A lei foi amplamente criticada por ser muito vaga e inclusiva no sentido de não restringir expressa ou taxativamente a que tipo de conteúdo deveria ser aplicada. Alguns ponderam também que ela privatiza a censura online na medida em que não exige transparência das plataformas ou mesmo um devido processo ("due process") para que os usuários sejam penalizados, bem como encoraja uma implementação excessiva de suas medidas ao incentivar que as plataformas prezem mais pelo cuidado do que pela liberdade de expressão em sentido amplo. Consideram ainda que uma vedação na disseminação de informação baseada em critérios vagos e ambíguos (como meramente "insulto" e "difamação") seria incompatível com o art. 19 do Pacto Internacional dos Direitos Civis e Políticos, que assegura a liberdade de expressão e acesso à informação de forma ampla.

Martin revela que nada mudou com o advento do NetzDG. Os conteúdos nocivos - como o discurso de ódio - ainda não removidos pelas plataformas automaticamente, porque as hipóteses dos Termos de Uso dessas plataformas são ainda mais restritas que aquelas do NetzDG, de modo que não parece haver, de fato, uma censura sobre os intermediários, que só serão sancionados se descumprirem a ordem de remoção com base no Código Penal ou se sistematicamente falharem na remoção de conteúdos odiosos (por exemplo).

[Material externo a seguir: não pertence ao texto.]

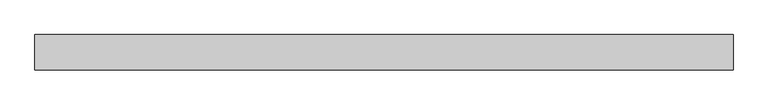
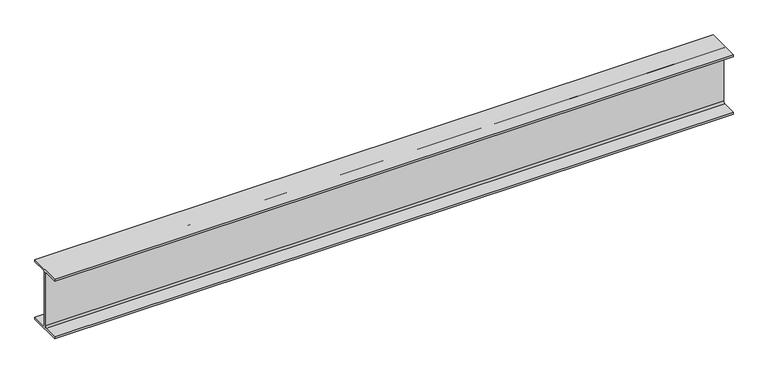
"""IFC4 building model written with IfcOpenShell, lengths in millimetres: beam geometry, Old_Steel Beam_H-KSD3502 : H_SB_ASB_H-200×200x8x12."""

from ifc_helpers import new_model, si_unit, point, frame, frame_2d, origin, place, context, project, spatial, polyline, circle_curve, trimmed, segment, composite_curve, outline, extrude, source, transform, mapped, element, save


def beam_deccd3ed(model_context):
    return source(origin(), model_context, "Body", "SweptSolid", [
        extrude(outline(composite_curve([segment(polyline([(82.5, -141.5), (82.5, -151.7), (-82.5, -151.7), (-82.5, -141.5), (-11.9, -141.5)]), True, "CONTINUOUS"), segment(trimmed(circle_curve(frame_2d((-11.9, -132.6)), 8.9), [point((-11.9, -141.5))], [point((-3.0, -132.6))], True, "CARTESIAN"), True, "CONTINUOUS"), segment(polyline([(-3.0, -132.6), (-3.0, 132.6)]), True, "CONTINUOUS"), segment(trimmed(circle_curve(frame_2d((-11.9, 132.6)), 8.9), [point((-3.0, 132.6))], [point((-11.9, 141.5))], True, "CARTESIAN"), True, "CONTINUOUS"), segment(polyline([(-11.9, 141.5), (-82.5, 141.5), (-82.5, 151.7), (82.5, 151.7), (82.5, 141.5), (11.9, 141.5)]), True, "CONTINUOUS"), segment(trimmed(circle_curve(frame_2d((11.9, 132.6)), 8.9), [point((11.9, 141.5))], [point((3.0, 132.6))], True, "CARTESIAN"), True, "CONTINUOUS"), segment(polyline([(3.0, 132.6), (3.0, -132.6)]), True, "CONTINUOUS"), segment(trimmed(circle_curve(frame_2d((11.9, -132.6)), 8.9), [point((3.0, -132.6))], [point((11.9, -141.5))], True, "CARTESIAN"), True, "CONTINUOUS"), segment(polyline([(11.9, -141.5), (82.5, -141.5)]), True, "CONTINUOUS")], self_intersect=False)), frame((-1686.0175372, 0.0, 0.0), z_axis=(1.0, 0.0, 0.0), x_axis=(0.0, 1.0, 0.0)), (0.0, 0.0, 1.0), 3267.7340685),
    ])


if __name__ == "__main__":
    model = new_model("IFC4")
    model_context = context("Model", 3, world=origin())
    ifc_project = project(units=[si_unit("LENGTHUNIT", "METRE", prefix="MILLI")], contexts=[model_context])
    site = spatial("IfcSite", under=ifc_project)
    building = spatial("IfcBuilding", under=site)
    placement = place(None, origin())
    beam_shape = beam_deccd3ed(model_context)
    element("IfcBeam", 1, ObjectType="Old_Steel Beam_H-KSD3502 : H_SB_ASB_H-200×200x8x12", at=placement, inside=building, context=model_context, shape_type="MappedRepresentation", body=[
        mapped(beam_shape, transform((0.0, 0.0, 0.0), x_axis=(1.0, 0.0, 0.0), y_axis=(0.0, 1.0, 0.0), z_axis=(0.0, 0.0, 1.0))),
    ])
    save(model, "model.ifc")

# Revit data of these elements
# Type "Old_Steel Beam_H-KSD3502 : H_SB_ASB_H-200×200x8x12"
#   Width = 20.0 cm
#   Web Thickness = 0.8 cm
#   Web Fillet = 1.3 cm
#   Warping Constant = 141376.0 cm⁶
#   Torsional Moment of Inertia = 26.2485 cm⁴
#   Torsional Modulus = 1.0 cm³
#   Section Area = 63.53 cm²
#   Plastic Modulus weak axis = 244.0 cm³
#   Plastic Modulus strong axis = 525.0 cm³
#   Perimeter = 1.16 m²/m
#   Nominal Weight = 49.90 kgf/m
#   Moment of Inertia weak axis = 1600.00 cm⁴
#   Moment of Inertia strong axis = 4720.00 cm⁴
#   Height = 20.0 cm
#   Flange Thickness = 1.2 cm
#   Elastic Modulus weak axis = 160.0 cm³
#   Elastic Modulus strong axis = 472.0 cm³
#   Centroid Vertical = 10.0 cm
#   Centroid Horizontal = 10.0 cm
#   Length [instance default] = 1.5240 m
#   Structural Material [instance default] = Steel, 45-345
#   Assembly Code = ""
# Element 1 (IfcBeam, "Old_Steel Beam_H-KSD3502 : H_SB_ASB_H-200×200x8x12")
#   Structural Material = none
# Materials
#   "Steel, 45-345": class "Metal", colour RGB 189 187 185, transparency 0, Description = "Steel 345 MPa", Cost = 0

O mesmo dado está em trabalho que aponta que cerca de 95% dos conteúdos odiosos são removidos preventivamente, antes ainda de qualquer usuário ter capacidade de vê-lo[1].

Esses dados demonstram o erro da Alemanha e a pouca serventia do NetzDG. Mostram mais. Boa parte dessa imprestabilidade se deve às ações preventivas dos intermediários de aplicação, consubstanciadas em termos de uso - conjunto de regras contratuais que regem a ética nos conteúdos - e mecanismos de remoção ou de esclarecimento têm funcionado. A Alemanha foi mais realista do que o rei, e o resultado foi promulgar uma lei que não tem aplicabilidade, ou pelo menos não aquela que se esperava. Seu principal impacto foi servir como inspiração para outros Países, alguns não tão democráticos assim.

No Brasil, o debate a respeito da constitucionalidade do artigo 19 do MCI ignora os esforços das plataformas, rapidamente acusadas dos males do mundo, tendo como pano de fundo o 8 de janeiro. Os Poderes Públicos estão entendendo que têm que intervir, impondo sua mão pesada sobre os provedores de aplicação. O NetzDG mostrou não apenas o fracasso desse tipo de abordagem, como revela outro perigo: já que os intermediários removem grande parte do conteúdo odioso e não há, na Alemanha, dados que permitam uma análise se os provedores removem conteúdos demais.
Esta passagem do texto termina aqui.